Closed Sanchita333 closed 1 year ago
Hi, Sorry for the late answer. Please, see this answer https://github.com/rotot0/tab-ddpm/issues/3#issuecomment-1287205628
In short, there is no way to reconstruct column names back. All I can say is that it is very likely in order of columns from original .csv file. So, if in .csv file you have [num1, num2, cat1, num3, cat2]
, then X_num=[num1, num2, num3]
, X_cat=[cat1, cat2]
. The easiest way is to do data partitioning yourself.
@rotot0 I have already partitioned the whole csv data into X_num and X_cat myself. but after generation even the generated cat dataframe and num dataframe columns are suffled.. Please have a look to my above screenshot. They are only the original category dataframe and generated category dataframe. And in the generated categorical data all the columns have got suffled. Please fix this issue. otherwise the library is of no use.
@rotot0 I have already partitioned the whole csv data into X_num and X_cat myself. but after generation even the generated cat dataframe and num dataframe columns are suffled.. Please have a look to my above screenshot. They are only the original category dataframe and generated category dataframe. And in the generated categorical data all the columns have got suffled. Please fix this issue. otherwise the library is of no use.

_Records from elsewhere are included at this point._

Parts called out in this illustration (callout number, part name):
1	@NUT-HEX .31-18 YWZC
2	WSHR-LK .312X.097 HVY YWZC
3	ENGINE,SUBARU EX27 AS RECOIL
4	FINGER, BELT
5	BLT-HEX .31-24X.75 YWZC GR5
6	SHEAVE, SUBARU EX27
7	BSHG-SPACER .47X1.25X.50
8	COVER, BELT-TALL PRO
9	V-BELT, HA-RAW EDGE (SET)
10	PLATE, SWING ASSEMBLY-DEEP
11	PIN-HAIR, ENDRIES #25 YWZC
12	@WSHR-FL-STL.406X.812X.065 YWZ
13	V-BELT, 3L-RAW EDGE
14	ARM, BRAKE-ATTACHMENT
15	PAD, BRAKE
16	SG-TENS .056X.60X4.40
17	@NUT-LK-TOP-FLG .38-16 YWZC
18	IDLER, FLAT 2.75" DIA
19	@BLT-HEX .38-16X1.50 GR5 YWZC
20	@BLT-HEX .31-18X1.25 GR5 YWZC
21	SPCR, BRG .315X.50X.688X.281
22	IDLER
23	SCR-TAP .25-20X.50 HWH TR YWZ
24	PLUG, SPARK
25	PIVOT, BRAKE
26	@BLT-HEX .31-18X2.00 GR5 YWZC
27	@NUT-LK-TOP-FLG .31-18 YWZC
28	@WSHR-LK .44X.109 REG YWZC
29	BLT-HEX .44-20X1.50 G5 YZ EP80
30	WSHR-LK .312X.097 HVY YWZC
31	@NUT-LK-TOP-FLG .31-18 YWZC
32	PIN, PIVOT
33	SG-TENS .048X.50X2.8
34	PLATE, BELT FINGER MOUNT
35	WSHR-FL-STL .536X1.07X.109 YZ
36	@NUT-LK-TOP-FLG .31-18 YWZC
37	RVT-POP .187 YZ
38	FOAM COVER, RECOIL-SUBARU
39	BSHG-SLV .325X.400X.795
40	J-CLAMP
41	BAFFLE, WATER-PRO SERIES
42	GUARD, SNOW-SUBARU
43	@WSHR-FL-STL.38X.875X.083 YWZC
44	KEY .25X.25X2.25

@shamikdhar Sorry, but I cannot reproduce your problem in my experiments. The original and generated columns are aligned. It may be a bug on your side. Or provide additional code/info on you problem, please. Also, you might want to open another issue.
I am using provided churn dataset as input and in output I am getting generated categorical and numerical columns in .npy format....there are 4 categorical and 7 numerical columns . How to identify names of those columns?